# after automotive lead acid battery charger circuit

#### turbo1600

Joined Jan 12, 2016
7
i have a transformer rated at about 10A, anybody have a simple type charger circuit for auto batteries ? i have a lm395k if thats any help.

#### ericgibbs

Joined Jan 29, 2010
12,523
hi 1600,
What is the voltage of the transformer.?
E

#### turbo1600

Joined Jan 12, 2016
7
hi 1600,
What is the voltage of the transformer.?
E
hi, after rectifier its about 18-19vdc

#### Alec_t

Joined Sep 17, 2013
12,005
I have an ancient battery charger with a similar output voltage from the rectifier. The only things between the rectifier and the battery are an ammeter and a length of resistance wire. One of these days I must get round to adding some smarts to the charger .

#### crutschow

Joined Mar 14, 2008
27,010
If by simple, you mean a dumb charger, than you could just use a full-wave bridge rectifier and some resistance to limit the maximum charging current.
It also needs a fuse or circuit breaker to protect against accidental shorting or reverse connection of the output.

Note that this simple configuration will likely overcharge the battery if the charger is left connected past the battery fully-charged point.

#### dl324

Joined Mar 30, 2015
12,798
i have a transformer rated at about 10A, anybody have a simple type charger circuit for auto batteries ? i have a lm395k if thats any help.

#### turbo1600

Joined Jan 12, 2016
7
hi, that looks more like it, thanks, but how can it be 5amp if d3 is rated at only 3A.
i have a transformer rated at about 10A, anybody have a simple type charger circuit for auto batteries ? i have a lm395k if thats any help.

mmmmok.. looks like i screwed up , i meant a LM396K voltage regulator, NOT lm395k.. sorry..

#### crutschow

Joined Mar 14, 2008
27,010
but how can it be 5amp if d3 is rated at only 3A.
Yes, D3 should be rated for at least 125% of the maximum charging current.
i meant a LM396K voltage regulator,
That can be substituted for the LM338 with no other circuit changes.

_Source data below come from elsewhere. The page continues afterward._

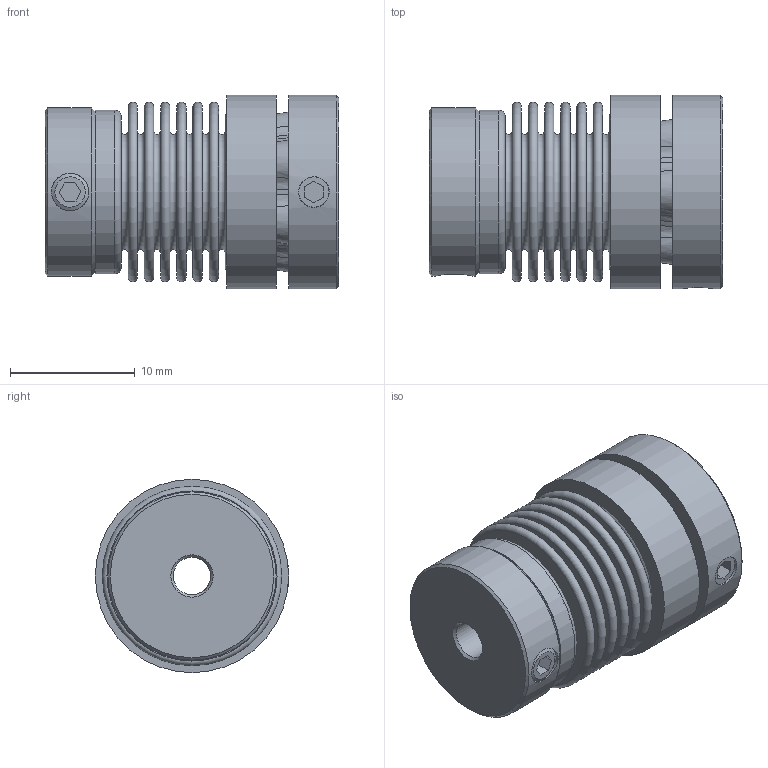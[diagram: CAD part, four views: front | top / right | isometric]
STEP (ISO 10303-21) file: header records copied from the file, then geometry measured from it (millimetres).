
FILE_DESCRIPTION( ( 'KBE1/14 - N7H8 - N14H7 - 98 Sh' ), '1' );
FILE_NAME( 'K:/Konstruktion/Fertigungszeichnungen/Metallbalgkupplung/KB1P/5-10/KB1P-10-24.stp', '14.12.2015', ( 'KBK-Antriebstechnik' ), ( 'KBK-Antriebstechnik' ), 'PSStep 16.0.42', 'Solid Edge St6', ' ' );
FILE_SCHEMA( ( 'AUTOMOTIVE_DESIGN { 1 0 10303 214 1 1 1 1 }' ) );
Length unit declared in the file: millimetre
Products named in the file (6): Assem1; Stecknabe KB1P-10; Balgaufnahme KB2P-10_für Step; MN10_Standard_2; BK10_Standard_0; Socket Set Screw Cup Point_DIN_DIN 916 - M3 x 4-N_8
Assembly tree (6 placements, depth 2):
  Assem1
    Stecknabe KB1P-10
    Balgaufnahme KB2P-10_für Step
    MN10_Standard_2
    BK10_Standard_0
    Socket Set Screw Cup Point_DIN_DIN 916 - M3 x 4-N_8  x2
Bounding box: 23.55 x 15.5 x 15.5 mm (x, y, z)
Volume: 2469.3 mm3; surface area: 5290.3 mm2
Topology: 6 solids, 6 shells, 176 faces, 376 edges, 239 vertices
Faces by surface type: cone 79, plane 53, torus 30, cylinder 14
Full cylindrical faces by diameter (mm): 2.459 x1, 3 x5, 12.9 x3, 13.1 x2, 13.5 x1, 15.5 x2
Entity records: 5724 total; most frequent: CARTESIAN_POINT 823, DIRECTION 812, ORIENTED_EDGE 566, AXIS2_PLACEMENT_3D 367, EDGE_CURVE 283, EDGE_LOOP 258, VERTEX_POINT 224, FACE_OUTER_BOUND 207
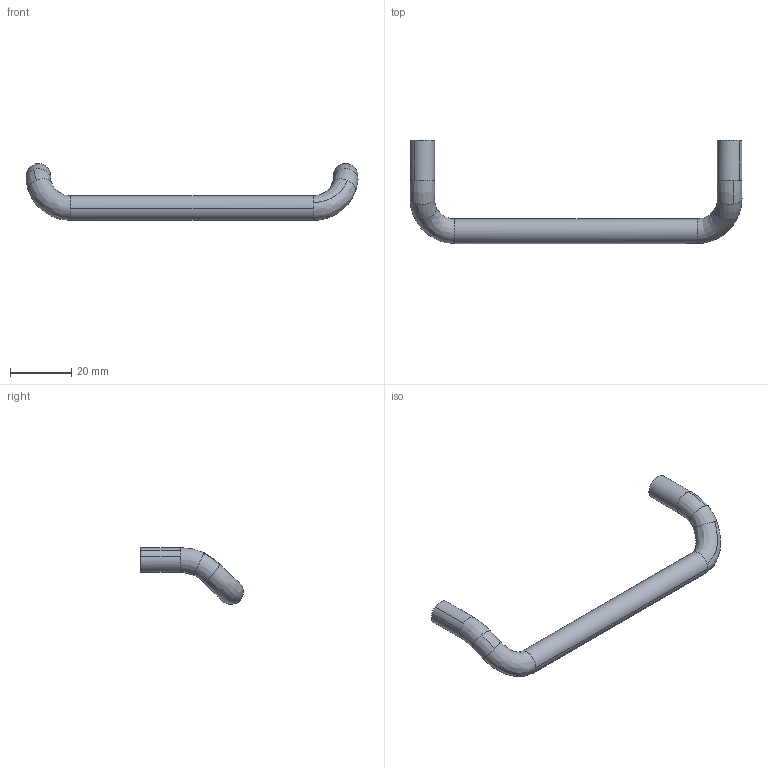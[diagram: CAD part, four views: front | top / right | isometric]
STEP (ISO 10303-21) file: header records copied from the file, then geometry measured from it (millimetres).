
FILE_DESCRIPTION((''),'2;1');
FILE_NAME('','2005-10-07T12:03:23',(''),(''),'','CADfix','');
FILE_SCHEMA(('AUTOMOTIVE_DESIGN'));
Length unit declared in the file: millimetre
Products named in the file (1): pull
Bounding box: 108 x 33.5 x 18.5 mm (x, y, z)
Volume: 7455.8 mm3; surface area: 4331.8 mm2
Topology: 1 solids, 1 shells, 26 faces, 86 edges, 64 vertices
Faces by surface type: bspline 26
Entity records: 1709 total; most frequent: CARTESIAN_POINT 1225, ORIENTED_EDGE 172, EDGE_CURVE 86, VERTEX_POINT 64, B_SPLINE_CURVE_WITH_KNOTS 36, EDGE_LOOP 28, FACE_OUTER_BOUND 26, ADVANCED_FACE 26

Below is the LTspice simulation of a simple battery charger circuit using the LM338 (or LM396) with an added current limiter.

Transistor Q1 turns on to reduce the output voltage, and thus the current, when the voltage across shunt resistor R4, due to the charging current, ≈ 0.65V at typical charging voltages.
The current limit is thus about 0.65V/R4.

The output voltage charging limit is determined by R1 (gives a value of about 14V for the value shown).
D1 prevents damage to the circuit if the battery is accidentally reverse connected (output pulled negative).
D2 prevents damage if the battery is connected without input power.

The simulation shows the battery voltage (simulated by a large capacitor) going from 10V to 14V (blue trace) with a charging current of around 4.5A (yellow trace).
Note the dissipation of the regulator (red trace) shows that it needs to be on a large heat-sink.

Edit: I just noticed that the LM396 has a maximum in-out voltage rating of 20V, so could fail for a reverse battery connection, which could put up to about 30V across it.
You could protect against that by putting a power diode from output to ground (anode to ground) with a fuse between that and the output.
That would blow the fuse for a reverse connection.